Hi Ich bewerb mich auch währ ja gelacht.
Vor allem weil ich sowieso an einen neuen grakalüfter gedacht hatte.
Ich hab eine Leadthek Winfast 9800gt mit singleslot Lüfter.
Ich erfülle Eure Anforderungen und würde mich freuen wenn ich den Kühler ausführlich für euch testen dürfte, um anschließend eine umfassenden Bericht zu schreiben (mit vieeeel Liebe). 
Mfg 
euer Alucian


----------



## mangel76 (6. Oktober 2009)

*AW: Lesertest: Grafikkartenkühler Xigmatek Bifrost VD1065 - Tester gesucht*

Hätte auch mal wieder Lust ein wenig zu basteln.

Meine Grafikkarte ist eine Sapphire HD4850 mit Dual-Slot-Kühler. Da ich bei den anderen Teilen sehr auf geringe Geräuschentwicklung geachtet habe, ist sie eindeutig das lauteste Element in meinem System (Q9550, Gigabyte X-38, 2x320 GB Samsung, 4 GB DDR-1066 in einem CM 690, 6X120mm Lüfter mit Lüftersteuerung). Wäre schön, wenn die Lautstärke noch ein wenig verringert werden könnte, da mein PC im Schlafzimmer steht und auch zum Fernsehen genutzt wird. 

Einen schönen Tag noch
Stefan


----------



## Ace (6. Oktober 2009)

*AW: Lesertest: Grafikkartenkühler Xigmatek Bifrost VD1065 - Tester gesucht*

Hallo PCGH Team!
Auch ich möchte mich für den Lesertest des Xigmatek Bifrost zu Verfügung stellen,da es mich doch sehr Interessiert,wie sehr die Temps bei meiner Point of View GTX 285 2GB aussehen gegenüber des Original Kühlers.

Ich erfülle alle Bedingungen zu 100%,und habe auch schon einige Jahre Erfahrung mit diversen Grafik Karten,ob Wasser oder Luft Kühlung.
Es stehen auch mehrere Wärmeleitpasten zur Verfügung,um zu sehen ob sich noch ein paar Grad aus dem Kühler raus holen lassen.

Mein System besteht zur Zeit aus folgender Hardware:
CPU: i7-860 (bis 4GHz)
Mainboard: Asus Maximus III Formula
Arbeitsspeicher: 4GB G.Skill Trident 2000MHz
Grafik Karte: Point of View GTX285 2 GB
Kühler: Noctua  NH-U12P SE2
Gehäuse: Xigmatek Midgard   

Gruß
Ace 


			Dieser Inhalt steht nur eingeloggten Mitgliedern zur Verfügung.


----------



## Cr@zed^ (6. Oktober 2009)

*AW: Lesertest: Grafikkartenkühler Xigmatek Bifrost VD1065 - Tester gesucht*

Hiermit würde ich mich auch gerne für den Lesertest bewerben. 

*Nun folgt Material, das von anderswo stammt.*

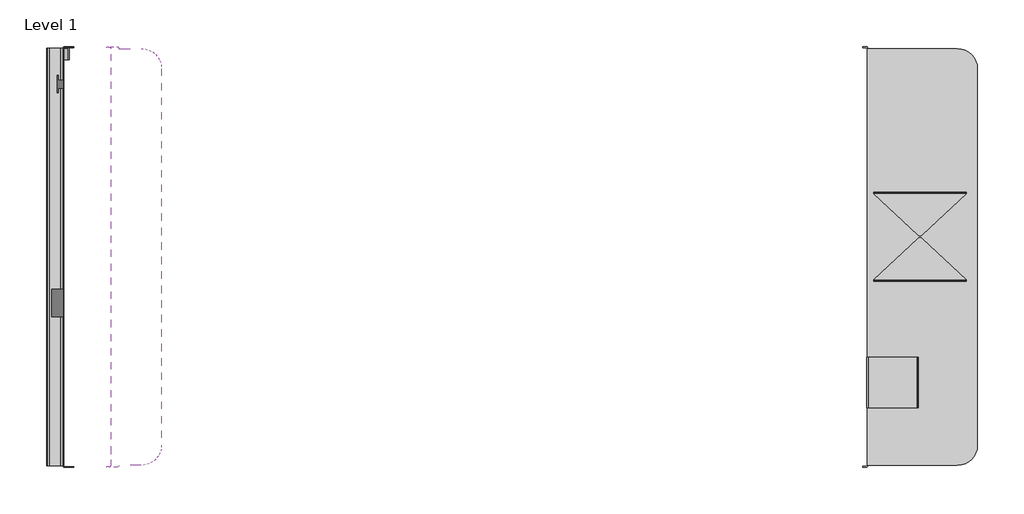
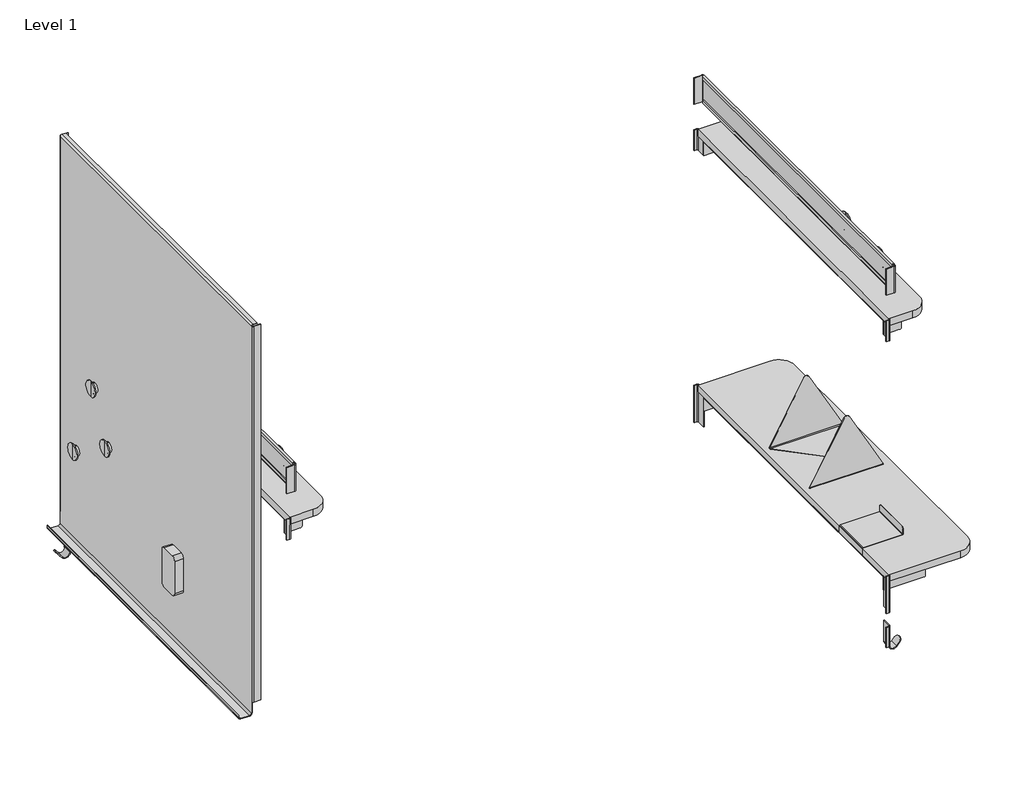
# One storey, incomplete: 3 proxies.
"""IFC4 building model written with IfcOpenShell, lengths in millimetres."""

from ifc_helpers import new_model, si_unit, origin, place, context, project, spatial, transform, mapped, element, save
from components import library_set_matte_black_a84b912c, library_set_matte_black_280bab07, library_set_matte_black_b317612b, note_set_matte_black_98218ece

model = new_model("IFC4")

# Units and contexts
model_context = context("Model", 3, world=origin())
ifc_project = project(units=[si_unit("LENGTHUNIT", "METRE", prefix="MILLI")], contexts=[model_context])

# Site, building, storey
site = spatial("IfcSite", under=ifc_project)
building = spatial("IfcBuilding", under=site)
storey = spatial("IfcBuildingStorey", under=building, Name="Level 1", Elevation=0.0)

# Proxies
placement = place(None, origin())
library_set_matte_black_shape = library_set_matte_black_a84b912c(model_context)
library_set_matte_black_2_shape = library_set_matte_black_280bab07(model_context)
element("IfcBuildingElementProxy", 1, Name="Library set : Matte black", ObjectType="Library set : Matte black", at=placement, inside=storey, context=model_context, shape_type="MappedRepresentation", body=[
    mapped(library_set_matte_black_shape, transform((-4288.740508, 384.4595405, 0.0), x_axis=(0.0, 1.0, 0.0), y_axis=(-1.0, 0.0, 0.0), z_axis=(0.0, 0.0, 1.0))),
    mapped(library_set_matte_black_2_shape, transform((-4288.740508, 384.4595405, 0.0), x_axis=(0.0, 1.0, 0.0), y_axis=(-1.0, 0.0, 0.0), z_axis=(0.0, 0.0, 1.0))),
])
library_set_matte_black_3_shape = library_set_matte_black_b317612b(model_context)
element("IfcBuildingElementProxy", 2, Name="Library set : Matte black", ObjectType="Library set : Matte black", at=placement, inside=storey, context=model_context, shape_type="MappedRepresentation", body=[
    mapped(library_set_matte_black_3_shape, transform((-5794.2477562, 384.4595405, 0.0), x_axis=(0.0, 1.0, 0.0), y_axis=(-1.0, 0.0, 0.0), z_axis=(0.0, 0.0, 1.0))),
])
note_set_matte_black_shape = note_set_matte_black_98218ece(model_context)
element("IfcBuildingElementProxy", 3, Name="Note set : Matte black", ObjectType="Note set : Matte black", at=placement, inside=storey, context=model_context, shape_type="MappedRepresentation", body=[
    mapped(note_set_matte_black_shape, transform((-5868.240508, 384.3633007, 0.0), x_axis=(0.0, -1.0, 0.0), y_axis=(1.0, 0.0, 0.0), z_axis=(0.0, 0.0, 1.0))),
])

save(model, "model.ifc")

Als Grafikkarten kann ich zwei ATI HD4870, einmal eine Sapphire im ATI Design und eine Palit im Dual Sonic Design, sowie den Scythe Musashi auf beiden Karten zum Vergleich anbieten. 
Digitale Bilder kann ich selbstverständlich erstellen und verwende dazu eine Olympus E-510 DSLR.
Der deutschen Sprache bin ich, hoffe ich zumindest, in Ausdruck und Schrift auch mächtig. 
Beim Arbeiten an meiner Hardware gehe ich zumeist äuserst gewissenhaft und akribisch nach, da ich von vorneherein Schäden und Komplikationen, soweit möglich, vorbeugen möchte.

Da ich seit 1995 meine PC's selber baue habe ich auch das nötige Know How und Werkzeug um solche Modifikationen durchzuführen. 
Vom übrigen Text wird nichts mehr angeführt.